▶ WHAT TO WORK ON: Where the word "points" appears in a line below, copy the whole line.
╔══
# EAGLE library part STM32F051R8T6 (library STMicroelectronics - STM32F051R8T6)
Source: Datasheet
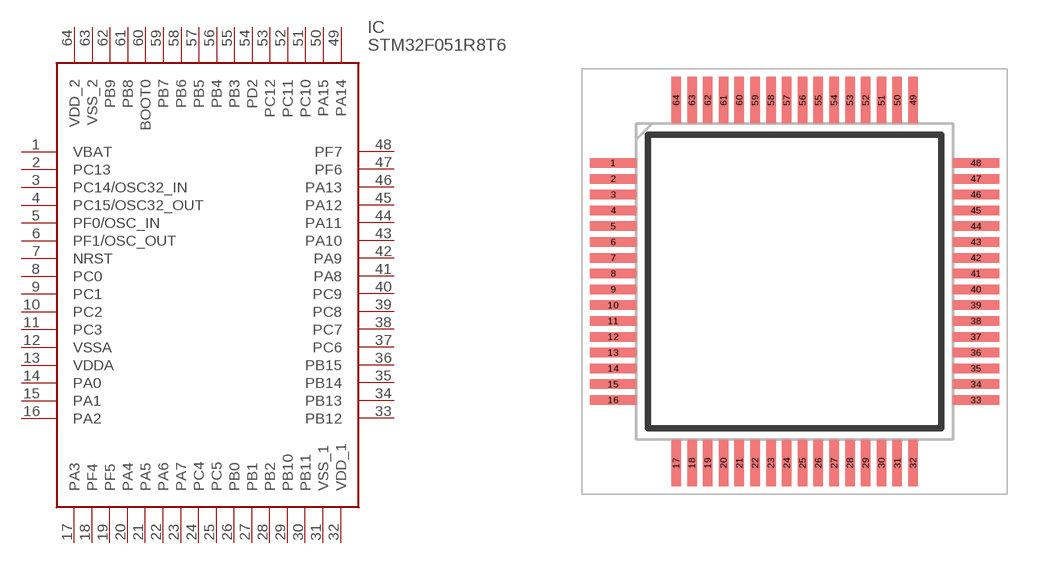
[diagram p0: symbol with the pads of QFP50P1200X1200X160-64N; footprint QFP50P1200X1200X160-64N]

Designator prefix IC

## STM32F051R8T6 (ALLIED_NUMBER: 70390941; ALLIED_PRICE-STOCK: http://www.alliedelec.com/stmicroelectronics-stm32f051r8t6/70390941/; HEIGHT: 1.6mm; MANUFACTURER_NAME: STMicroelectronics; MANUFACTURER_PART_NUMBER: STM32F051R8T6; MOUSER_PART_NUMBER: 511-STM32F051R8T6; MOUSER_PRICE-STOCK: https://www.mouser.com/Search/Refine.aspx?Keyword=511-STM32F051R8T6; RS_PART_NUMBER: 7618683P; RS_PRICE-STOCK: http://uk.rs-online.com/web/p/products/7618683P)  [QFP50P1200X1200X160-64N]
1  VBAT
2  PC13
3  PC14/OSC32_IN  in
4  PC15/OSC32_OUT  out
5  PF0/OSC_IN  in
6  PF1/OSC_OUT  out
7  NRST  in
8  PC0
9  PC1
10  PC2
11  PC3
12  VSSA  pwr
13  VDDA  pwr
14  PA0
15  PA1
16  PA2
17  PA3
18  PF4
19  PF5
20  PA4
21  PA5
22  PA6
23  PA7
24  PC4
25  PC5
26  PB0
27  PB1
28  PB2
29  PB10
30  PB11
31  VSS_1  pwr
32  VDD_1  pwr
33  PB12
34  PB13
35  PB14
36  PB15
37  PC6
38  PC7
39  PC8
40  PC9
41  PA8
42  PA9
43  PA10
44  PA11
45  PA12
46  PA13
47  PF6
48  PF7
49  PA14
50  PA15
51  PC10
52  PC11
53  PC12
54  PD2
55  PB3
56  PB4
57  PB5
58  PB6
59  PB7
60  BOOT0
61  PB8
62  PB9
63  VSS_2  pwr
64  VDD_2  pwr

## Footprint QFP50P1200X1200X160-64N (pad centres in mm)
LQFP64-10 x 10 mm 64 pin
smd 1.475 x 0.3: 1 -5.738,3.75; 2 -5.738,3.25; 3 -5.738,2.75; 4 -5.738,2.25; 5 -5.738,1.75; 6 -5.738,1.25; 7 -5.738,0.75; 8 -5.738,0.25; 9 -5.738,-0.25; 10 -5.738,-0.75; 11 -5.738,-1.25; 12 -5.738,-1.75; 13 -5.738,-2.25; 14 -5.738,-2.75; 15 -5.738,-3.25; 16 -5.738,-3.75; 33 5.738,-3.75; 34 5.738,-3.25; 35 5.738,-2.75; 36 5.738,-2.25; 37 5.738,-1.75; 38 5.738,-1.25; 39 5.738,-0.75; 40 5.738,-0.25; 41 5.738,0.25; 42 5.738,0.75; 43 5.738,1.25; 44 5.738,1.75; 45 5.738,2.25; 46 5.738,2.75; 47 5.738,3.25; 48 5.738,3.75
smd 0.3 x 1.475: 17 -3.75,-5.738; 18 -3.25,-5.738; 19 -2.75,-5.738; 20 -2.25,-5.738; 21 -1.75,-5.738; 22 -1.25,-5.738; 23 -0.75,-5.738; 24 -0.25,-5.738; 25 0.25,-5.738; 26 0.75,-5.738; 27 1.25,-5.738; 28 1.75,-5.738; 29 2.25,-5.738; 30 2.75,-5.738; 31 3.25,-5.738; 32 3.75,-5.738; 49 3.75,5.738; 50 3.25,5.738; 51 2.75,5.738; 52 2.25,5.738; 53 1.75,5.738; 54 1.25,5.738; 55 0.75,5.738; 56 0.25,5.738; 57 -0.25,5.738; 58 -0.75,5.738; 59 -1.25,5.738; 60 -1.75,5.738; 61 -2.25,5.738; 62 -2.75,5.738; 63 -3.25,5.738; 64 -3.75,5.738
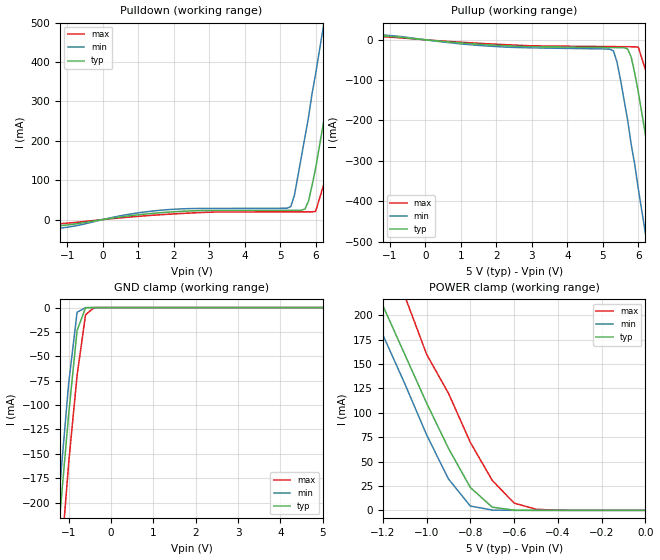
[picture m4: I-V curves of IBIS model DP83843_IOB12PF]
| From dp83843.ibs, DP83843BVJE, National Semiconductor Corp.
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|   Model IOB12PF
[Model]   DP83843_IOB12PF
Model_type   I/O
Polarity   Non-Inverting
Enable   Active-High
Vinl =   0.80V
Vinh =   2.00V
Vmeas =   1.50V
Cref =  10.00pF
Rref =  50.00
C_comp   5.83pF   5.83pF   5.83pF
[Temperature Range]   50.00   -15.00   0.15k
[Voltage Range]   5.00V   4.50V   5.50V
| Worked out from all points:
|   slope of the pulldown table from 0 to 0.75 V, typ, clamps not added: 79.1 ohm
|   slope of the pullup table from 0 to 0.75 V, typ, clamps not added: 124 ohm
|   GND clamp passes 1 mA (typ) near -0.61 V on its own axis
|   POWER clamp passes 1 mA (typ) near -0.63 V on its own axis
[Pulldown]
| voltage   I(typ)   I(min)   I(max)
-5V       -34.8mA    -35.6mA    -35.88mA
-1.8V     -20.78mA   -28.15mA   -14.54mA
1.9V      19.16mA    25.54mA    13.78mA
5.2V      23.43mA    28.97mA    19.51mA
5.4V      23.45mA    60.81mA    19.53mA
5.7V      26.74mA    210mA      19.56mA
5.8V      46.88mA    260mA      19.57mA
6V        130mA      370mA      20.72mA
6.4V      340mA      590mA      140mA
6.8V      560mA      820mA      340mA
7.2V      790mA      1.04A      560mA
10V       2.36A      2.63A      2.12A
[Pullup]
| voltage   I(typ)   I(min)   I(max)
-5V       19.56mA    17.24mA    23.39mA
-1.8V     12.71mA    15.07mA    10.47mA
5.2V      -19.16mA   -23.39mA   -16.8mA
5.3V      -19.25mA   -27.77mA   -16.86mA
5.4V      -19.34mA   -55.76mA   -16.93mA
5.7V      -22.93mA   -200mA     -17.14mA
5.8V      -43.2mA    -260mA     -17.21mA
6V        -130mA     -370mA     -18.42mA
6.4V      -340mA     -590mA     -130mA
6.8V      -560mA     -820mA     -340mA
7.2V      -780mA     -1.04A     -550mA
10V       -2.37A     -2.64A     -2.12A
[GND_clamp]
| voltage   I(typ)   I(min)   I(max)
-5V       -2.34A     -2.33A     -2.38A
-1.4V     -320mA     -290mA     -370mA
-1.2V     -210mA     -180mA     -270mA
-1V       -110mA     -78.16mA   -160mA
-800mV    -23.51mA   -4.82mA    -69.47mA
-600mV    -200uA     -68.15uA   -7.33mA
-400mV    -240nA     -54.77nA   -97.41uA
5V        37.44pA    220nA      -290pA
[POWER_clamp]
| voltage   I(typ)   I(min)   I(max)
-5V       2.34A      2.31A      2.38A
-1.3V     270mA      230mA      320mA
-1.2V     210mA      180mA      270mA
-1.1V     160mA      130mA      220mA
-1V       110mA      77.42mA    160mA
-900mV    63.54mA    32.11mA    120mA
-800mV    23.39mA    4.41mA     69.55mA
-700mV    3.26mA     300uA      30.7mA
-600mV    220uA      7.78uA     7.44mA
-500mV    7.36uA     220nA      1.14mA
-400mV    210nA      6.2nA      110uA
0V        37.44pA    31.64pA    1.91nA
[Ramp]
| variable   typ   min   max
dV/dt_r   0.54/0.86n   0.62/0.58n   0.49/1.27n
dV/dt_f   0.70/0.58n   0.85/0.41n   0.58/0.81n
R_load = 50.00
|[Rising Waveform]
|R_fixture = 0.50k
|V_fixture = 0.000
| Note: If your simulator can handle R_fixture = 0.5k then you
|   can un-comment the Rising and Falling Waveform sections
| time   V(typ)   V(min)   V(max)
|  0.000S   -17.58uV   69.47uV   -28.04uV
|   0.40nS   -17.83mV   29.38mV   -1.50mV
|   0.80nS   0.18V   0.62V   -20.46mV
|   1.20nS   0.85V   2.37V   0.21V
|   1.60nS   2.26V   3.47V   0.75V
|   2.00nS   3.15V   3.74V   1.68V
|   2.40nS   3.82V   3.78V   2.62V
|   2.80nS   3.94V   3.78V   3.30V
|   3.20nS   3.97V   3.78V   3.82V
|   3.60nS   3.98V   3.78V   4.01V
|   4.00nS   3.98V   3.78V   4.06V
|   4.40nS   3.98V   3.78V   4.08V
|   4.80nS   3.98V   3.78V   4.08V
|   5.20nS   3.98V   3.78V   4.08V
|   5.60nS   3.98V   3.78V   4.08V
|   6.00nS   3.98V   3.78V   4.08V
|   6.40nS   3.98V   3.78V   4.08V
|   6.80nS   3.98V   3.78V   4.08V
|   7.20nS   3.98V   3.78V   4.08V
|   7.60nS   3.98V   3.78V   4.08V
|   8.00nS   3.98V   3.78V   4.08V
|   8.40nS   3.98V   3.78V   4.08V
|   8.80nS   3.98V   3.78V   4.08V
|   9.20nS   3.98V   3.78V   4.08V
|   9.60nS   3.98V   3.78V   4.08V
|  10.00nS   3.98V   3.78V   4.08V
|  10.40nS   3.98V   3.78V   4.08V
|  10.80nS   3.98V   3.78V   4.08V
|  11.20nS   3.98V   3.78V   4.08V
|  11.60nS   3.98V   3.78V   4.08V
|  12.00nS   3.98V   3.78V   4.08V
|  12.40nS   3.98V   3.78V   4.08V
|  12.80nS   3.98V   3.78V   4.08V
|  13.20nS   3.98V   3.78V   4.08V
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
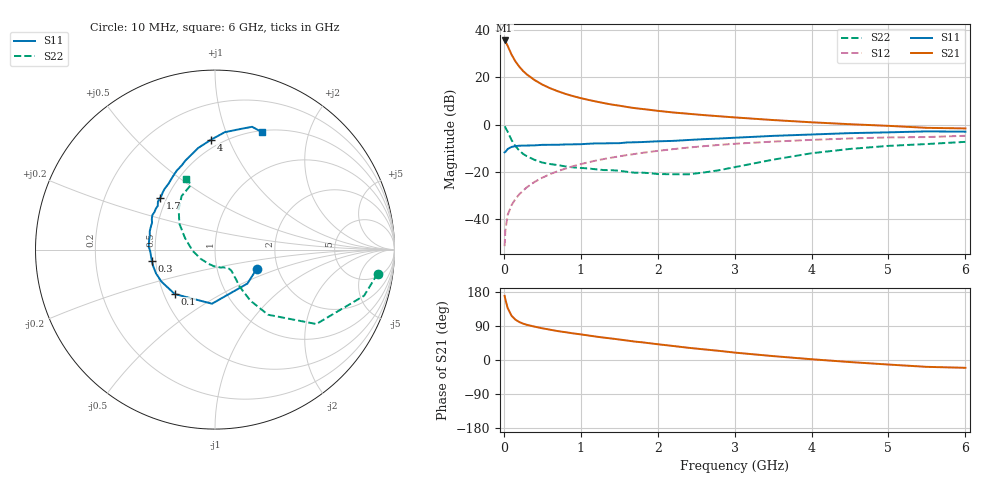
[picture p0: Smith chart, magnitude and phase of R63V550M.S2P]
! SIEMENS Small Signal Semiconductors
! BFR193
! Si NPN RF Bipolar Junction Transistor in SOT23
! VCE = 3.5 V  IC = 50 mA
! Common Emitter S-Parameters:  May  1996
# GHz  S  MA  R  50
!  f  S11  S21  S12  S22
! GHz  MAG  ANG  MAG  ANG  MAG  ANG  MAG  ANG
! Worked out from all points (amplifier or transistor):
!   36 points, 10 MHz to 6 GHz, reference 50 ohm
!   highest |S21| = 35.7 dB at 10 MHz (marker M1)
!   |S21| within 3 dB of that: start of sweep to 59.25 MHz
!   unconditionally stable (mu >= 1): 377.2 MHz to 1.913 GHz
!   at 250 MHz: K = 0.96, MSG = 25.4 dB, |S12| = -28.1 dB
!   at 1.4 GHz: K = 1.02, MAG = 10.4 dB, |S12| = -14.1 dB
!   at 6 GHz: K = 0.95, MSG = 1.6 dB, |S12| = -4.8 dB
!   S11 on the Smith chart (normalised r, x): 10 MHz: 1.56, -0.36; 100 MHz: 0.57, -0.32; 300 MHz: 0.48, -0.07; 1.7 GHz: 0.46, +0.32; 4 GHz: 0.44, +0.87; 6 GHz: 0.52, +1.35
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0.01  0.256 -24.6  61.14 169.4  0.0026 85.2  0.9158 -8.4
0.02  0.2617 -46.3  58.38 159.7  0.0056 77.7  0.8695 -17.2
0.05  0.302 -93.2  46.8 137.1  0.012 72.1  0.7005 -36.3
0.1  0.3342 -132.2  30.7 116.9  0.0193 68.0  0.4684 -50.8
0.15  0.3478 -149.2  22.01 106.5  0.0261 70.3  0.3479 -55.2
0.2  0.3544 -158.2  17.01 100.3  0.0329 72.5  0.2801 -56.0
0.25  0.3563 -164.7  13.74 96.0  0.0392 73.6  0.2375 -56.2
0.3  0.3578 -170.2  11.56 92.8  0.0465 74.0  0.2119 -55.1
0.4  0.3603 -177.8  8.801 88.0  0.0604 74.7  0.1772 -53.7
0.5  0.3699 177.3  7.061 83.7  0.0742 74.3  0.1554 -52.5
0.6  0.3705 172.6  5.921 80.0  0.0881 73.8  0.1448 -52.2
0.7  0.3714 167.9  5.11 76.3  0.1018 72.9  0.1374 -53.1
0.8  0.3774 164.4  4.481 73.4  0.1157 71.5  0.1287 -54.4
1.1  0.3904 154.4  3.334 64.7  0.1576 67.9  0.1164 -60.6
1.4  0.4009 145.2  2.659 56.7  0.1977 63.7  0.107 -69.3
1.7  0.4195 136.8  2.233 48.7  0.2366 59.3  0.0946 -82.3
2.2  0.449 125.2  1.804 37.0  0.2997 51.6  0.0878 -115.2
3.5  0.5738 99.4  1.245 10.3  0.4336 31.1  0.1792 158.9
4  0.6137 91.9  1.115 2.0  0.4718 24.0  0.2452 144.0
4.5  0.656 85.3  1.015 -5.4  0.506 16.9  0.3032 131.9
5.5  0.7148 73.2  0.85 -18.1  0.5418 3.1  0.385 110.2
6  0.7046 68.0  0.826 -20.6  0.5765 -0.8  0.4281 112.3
╚══
▶ WORKED SOLUTION:
| Worked out from all points:
! Worked out from all points (amplifier or transistor):
!   36 points, 10 MHz to 6 GHz, reference 50 ohm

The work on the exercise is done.